The application of advanced machine learning algorithms such as deep learning is limited for the surrogate-based process optimization of complex multi-physics problems because high-quality experimental and numerical training samples required for deep-learning model training are expensive and scarce. To address this issue, in this study, a novel physics-informed process optimization (PIPO) framework was introduced. In the first step, surrogate models based on conventional neural networks (NN) were trained using a few available high-quality training samples. In the second step, the trained NN models were coupled to the process optimization solver in which the loss of physical laws was added to the optimizer's objective function to find optimal design points that satisfy the laws of physics.
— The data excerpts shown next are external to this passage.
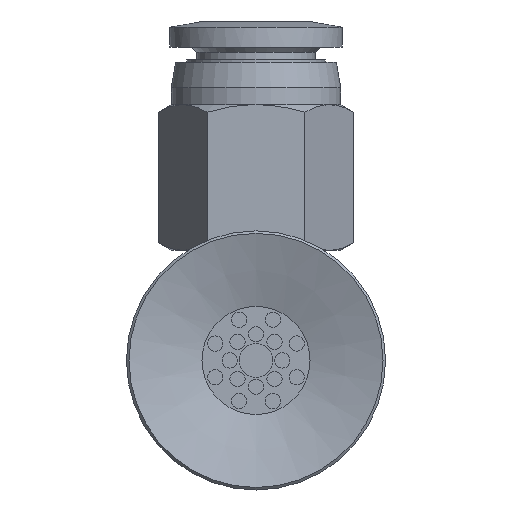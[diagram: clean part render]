
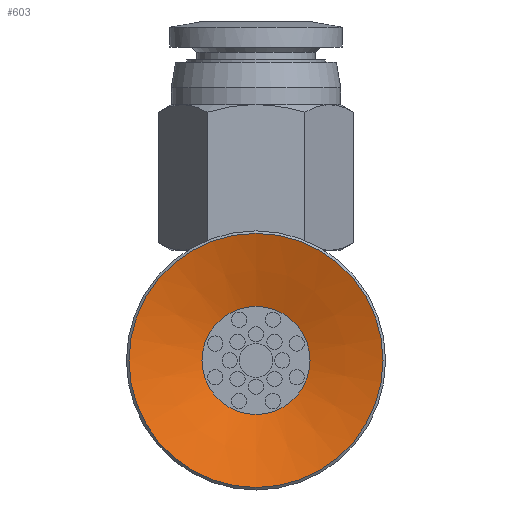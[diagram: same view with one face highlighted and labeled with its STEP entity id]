
A CAD part, front view. The second image highlights one B-rep face of the part: STEP entity #603.
In plain terms, the highlighted conical face has half-angle 72 degrees and reference radius 7.5 mm.
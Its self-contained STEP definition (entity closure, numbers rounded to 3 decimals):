
#603=ADVANCED_FACE('',(#1010,#1011),#1012,.F.);
#1010=FACE_BOUND('',#1729,.T.);
#1011=FACE_OUTER_BOUND('',#1730,.T.);
#1012=CONICAL_SURFACE('',#1731,7.5,1.257);
#1729=EDGE_LOOP('',(#2861));
#1730=EDGE_LOOP('',(#2862));
#1731=AXIS2_PLACEMENT_3D('',#2863,#2864,#2865);
#2861=ORIENTED_EDGE('',*,*,#3382,.T.);
#2862=ORIENTED_EDGE('',*,*,#3383,.F.);
#2863=CARTESIAN_POINT('',(0.0,0.,0.));
#2864=DIRECTION('',(0.0,0.,-1.0));
#2865=DIRECTION('',(0.0,1.0,0.));
#3382=EDGE_CURVE('',#3894,#3894,#3895,.T.);
#3383=EDGE_CURVE('',#3896,#3896,#3897,.T.);
#3894=VERTEX_POINT('',#5204);
#3895=CIRCLE('',#5205,3.191);
#3896=VERTEX_POINT('',#5206);
#3897=CIRCLE('',#5207,7.5);
#5204=CARTESIAN_POINT('',(0.0,-3.191,1.4));
#5205=AXIS2_PLACEMENT_3D('',#5684,#5685,#5686);
#5206=CARTESIAN_POINT('',(0.0,-7.5,0.));
#5207=AXIS2_PLACEMENT_3D('',#5687,#5688,#5689);
#5684=CARTESIAN_POINT('',(0.0,0.,1.4));
#5685=DIRECTION('',(0.0,0.,1.0));
#5686=DIRECTION('',(0.0,-1.0,0.));
#5687=CARTESIAN_POINT('',(0.0,0.,0.));
#5688=DIRECTION('',(0.0,0.,1.0));
#5689=DIRECTION('',(0.0,-1.0,0.));

As a result, the generalization performance of the framework was greatly improved for design targets outside the training range of NN models. PIPO is substantially different from the physics-informed neural networks where the loss of physics is added to the loss function used during NN model training. The PIPO framework was used to optimize a sweeping gas membrane distillation (SGMD) module. Eight input design variables, including process and geometrical parameters, were optimized for different challenging targets to achieve the best SGMD performance in terms of ammonia recovery ratio and concentration. It was shown that for noticeably few training samples of 68 experiments, the proposed framework was able to achieve the optimization targets within a reasonable computational cost. The optimum designs were verified and analyzed in detail by high-resolution computational fluid dynamics models.